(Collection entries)
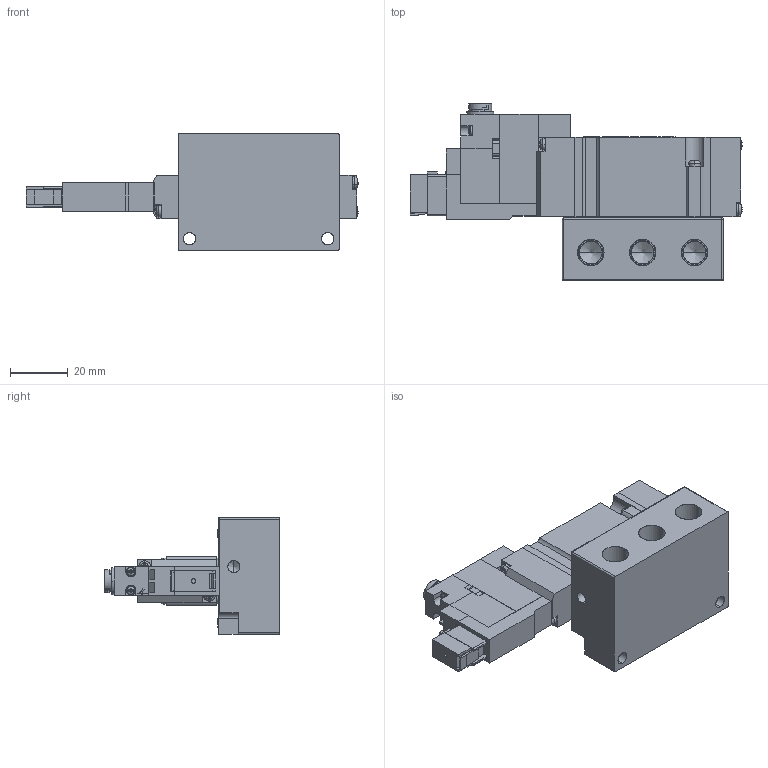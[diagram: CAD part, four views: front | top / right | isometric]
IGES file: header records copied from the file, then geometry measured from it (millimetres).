
Start section: SolidWorks IGES file using analytic representation for surfaces
Global section: file name: D:\Custom\3D繪製\ADEX\A12G\A12GS25#-#-#-E.IGS,1; native system: 5HSolidWorks 2014; preprocessor: SolidWorks 2014; author: Chieh_Lu; date: 150809.155628; units: millimetre
Bounding box: 115.3 x 61.1 x 40.5 mm (x, y, z)
Surface area: 30492.2 mm2 (no closed solid volume)
Topology: 0 solids, 0 shells, 881 faces, 7328 edges, 7294 vertices
Faces by surface type: bspline 602, revolution 279
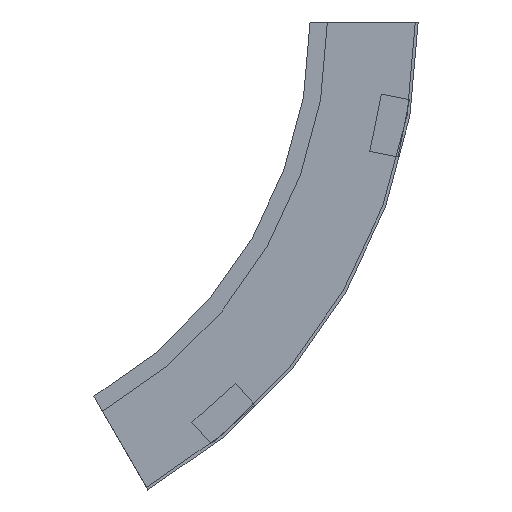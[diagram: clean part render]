
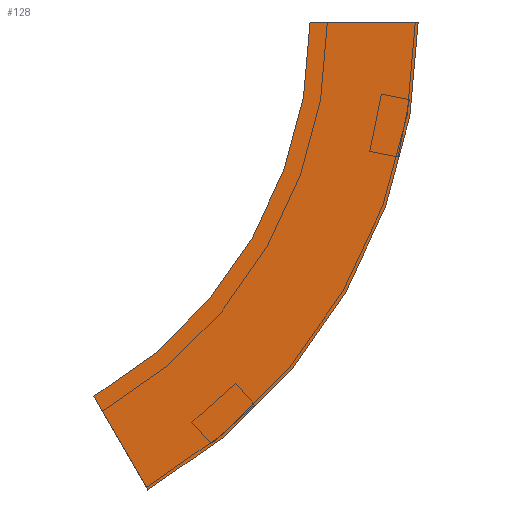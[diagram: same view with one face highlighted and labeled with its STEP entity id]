
A CAD part, left-side view. The second image highlights one B-rep face of the part: STEP entity #128.
In plain terms, the highlighted planar face has unit normal (-1, 0, 0) as drawn and (1, 0, 0) by its records, which use the part's own axes.
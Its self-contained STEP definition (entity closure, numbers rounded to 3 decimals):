
#13 = CIRCLE ( 'NONE', #371, 300. ) ;
#28 = ORIENTED_EDGE ( 'NONE', *, *, #230, .F. ) ;
#69 = EDGE_CURVE ( 'NONE', #550, #400, #282, .T. ) ;
#75 = CARTESIAN_POINT ( 'NONE',  ( 0., 300., 0. ) ) ;
#91 = FACE_OUTER_BOUND ( 'NONE', #505, .T. ) ;
#94 = CARTESIAN_POINT ( 'NONE',  ( 0., 150., -259.808 ) ) ;
#110 = AXIS2_PLACEMENT_3D ( 'NONE', #228, #543, #178 ) ;
#115 = DIRECTION ( 'NONE',  ( 1., 0., 0. ) ) ;
#117 = ORIENTED_EDGE ( 'NONE', *, *, #415, .T. ) ;
#124 = CARTESIAN_POINT ( 'NONE',  ( 0., -75., 0. ) ) ;
#127 = DIRECTION ( 'NONE',  ( 0., 1., 0. ) ) ;
#128 = ADVANCED_FACE ( 'NONE', ( #91 ), #405, .F. ) ;
#143 = DIRECTION ( 'NONE',  ( 0., 0.5, 0.866 ) ) ;
#178 = DIRECTION ( 'NONE',  ( 0., -1., 0. ) ) ;
#227 = DIRECTION ( 'NONE',  ( 0., 0., 1. ) ) ;
#228 = CARTESIAN_POINT ( 'NONE',  ( 0., 300., 0. ) ) ;
#230 = EDGE_CURVE ( 'NONE', #553, #400, #13, .T. ) ;
#269 = VECTOR ( 'NONE', #143, 1000. ) ;
#282 = LINE ( 'NONE', #370, #269 ) ;
#300 = ORIENTED_EDGE ( 'NONE', *, *, #313, .F. ) ;
#302 = CARTESIAN_POINT ( 'NONE',  ( 0., 0., 0. ) ) ;
#313 = EDGE_CURVE ( 'NONE', #559, #553, #407, .T. ) ;
#370 = CARTESIAN_POINT ( 'NONE',  ( 0., 112.5, -324.76 ) ) ;
#371 = AXIS2_PLACEMENT_3D ( 'NONE', #75, #115, #474 ) ;
#372 = CIRCLE ( 'NONE', #110, 375. ) ;
#386 = CARTESIAN_POINT ( 'NONE',  ( 0., 112.5, -324.76 ) ) ;
#398 = ORIENTED_EDGE ( 'NONE', *, *, #69, .T. ) ;
#400 = VERTEX_POINT ( 'NONE', #94 ) ;
#405 = PLANE ( 'NONE',  #571 ) ;
#407 = LINE ( 'NONE', #124, #462 ) ;
#415 = EDGE_CURVE ( 'NONE', #559, #550, #372, .T. ) ;
#462 = VECTOR ( 'NONE', #127, 1000. ) ;
#474 = DIRECTION ( 'NONE',  ( 0., -1., 0. ) ) ;
#493 = DIRECTION ( 'NONE',  ( -1., 0., 0. ) ) ;
#505 = EDGE_LOOP ( 'NONE', ( #28, #300, #117, #398 ) ) ;
#542 = CARTESIAN_POINT ( 'NONE',  ( 0., -75., 0. ) ) ;
#543 = DIRECTION ( 'NONE',  ( 1., 0., 0. ) ) ;
#550 = VERTEX_POINT ( 'NONE', #386 ) ;
#553 = VERTEX_POINT ( 'NONE', #302 ) ;
#558 = CARTESIAN_POINT ( 'NONE',  ( 0., -75., 0. ) ) ;
#559 = VERTEX_POINT ( 'NONE', #558 ) ;
#571 = AXIS2_PLACEMENT_3D ( 'NONE', #542, #493, #227 ) ;

- **PROBLEM DETAILS**: Could the entries above be returned verbatim, with no pictures included?

- **ANSWER SECTION**:
[diagram: CAD part, four views: front | top / right | isometric]
IGES file: header records copied from the file, then geometry measured from it (millimetres).
Start section: SolidWorks IGES file using analytic representation for surfaces
Global section: file name: D:\Custom\3D繪製\ADEX\A12G\A12GS25#-#-#-E.IGS,1; native system: 5HSolidWorks 2014; preprocessor: SolidWorks 2014; author: Chieh_Lu; date: 150809.155628; units: millimetre
Bounding box: 115.3 x 61.1 x 40.5 mm (x, y, z)
Surface area: 30492.2 mm2 (no closed solid volume)
Topology: 0 solids, 0 shells, 881 faces, 7328 edges, 7294 vertices
Faces by surface type: bspline 602, revolution 279
[diagram: clean part render]
[diagram: same view with one face highlighted and labeled with its STEP entity id]
A CAD part, left-side view. The second image highlights one B-rep face of the part: STEP entity #128.
In plain terms, the highlighted planar face has unit normal (-1, 0, 0) as drawn and (1, 0, 0) by its records, which use the part's own axes.
Its self-contained STEP definition (entity closure, numbers rounded to 3 decimals):
#13 = CIRCLE ( 'NONE', #371, 300. ) ;
#28 = ORIENTED_EDGE ( 'NONE', *, *, #230, .F. ) ;
#69 = EDGE_CURVE ( 'NONE', #550, #400, #282, .T. ) ;
#75 = CARTESIAN_POINT ( 'NONE',  ( 0., 300., 0. ) ) ;
#91 = FACE_OUTER_BOUND ( 'NONE', #505, .T. ) ;
#94 = CARTESIAN_POINT ( 'NONE',  ( 0., 150., -259.808 ) ) ;
#110 = AXIS2_PLACEMENT_3D ( 'NONE', #228, #543, #178 ) ;
#115 = DIRECTION ( 'NONE',  ( 1., 0., 0. ) ) ;
#117 = ORIENTED_EDGE ( 'NONE', *, *, #415, .T. ) ;
#124 = CARTESIAN_POINT ( 'NONE',  ( 0., -75., 0. ) ) ;
#127 = DIRECTION ( 'NONE',  ( 0., 1., 0. ) ) ;
#128 = ADVANCED_FACE ( 'NONE', ( #91 ), #405, .F. ) ;
#143 = DIRECTION ( 'NONE',  ( 0., 0.5, 0.866 ) ) ;
#178 = DIRECTION ( 'NONE',  ( 0., -1., 0. ) ) ;
#227 = DIRECTION ( 'NONE',  ( 0., 0., 1. ) ) ;
#228 = CARTESIAN_POINT ( 'NONE',  ( 0., 300., 0. ) ) ;
#230 = EDGE_CURVE ( 'NONE', #553, #400, #13, .T. ) ;
#269 = VECTOR ( 'NONE', #143, 1000. ) ;
#282 = LINE ( 'NONE', #370, #269 ) ;
#300 = ORIENTED_EDGE ( 'NONE', *, *, #313, .F. ) ;
#302 = CARTESIAN_POINT ( 'NONE',  ( 0., 0., 0. ) ) ;
#313 = EDGE_CURVE ( 'NONE', #559, #553, #407, .T. ) ;
#370 = CARTESIAN_POINT ( 'NONE',  ( 0., 112.5, -324.76 ) ) ;
#371 = AXIS2_PLACEMENT_3D ( 'NONE', #75, #115, #474 ) ;
#372 = CIRCLE ( 'NONE', #110, 375. ) ;
#386 = CARTESIAN_POINT ( 'NONE',  ( 0., 112.5, -324.76 ) ) ;
#398 = ORIENTED_EDGE ( 'NONE', *, *, #69, .T. ) ;
#400 = VERTEX_POINT ( 'NONE', #94 ) ;
#405 = PLANE ( 'NONE',  #571 ) ;
#407 = LINE ( 'NONE', #124, #462 ) ;
#415 = EDGE_CURVE ( 'NONE', #559, #550, #372, .T. ) ;
#462 = VECTOR ( 'NONE', #127, 1000. ) ;
#474 = DIRECTION ( 'NONE',  ( 0., -1., 0. ) ) ;
#493 = DIRECTION ( 'NONE',  ( -1., 0., 0. ) ) ;
#505 = EDGE_LOOP ( 'NONE', ( #28, #300, #117, #398 ) ) ;
#542 = CARTESIAN_POINT ( 'NONE',  ( 0., -75., 0. ) ) ;
#543 = DIRECTION ( 'NONE',  ( 1., 0., 0. ) ) ;
#550 = VERTEX_POINT ( 'NONE', #386 ) ;
#553 = VERTEX_POINT ( 'NONE', #302 ) ;
#558 = CARTESIAN_POINT ( 'NONE',  ( 0., -75., 0. ) ) ;
#559 = VERTEX_POINT ( 'NONE', #558 ) ;
#571 = AXIS2_PLACEMENT_3D ( 'NONE', #542, #493, #227 ) ;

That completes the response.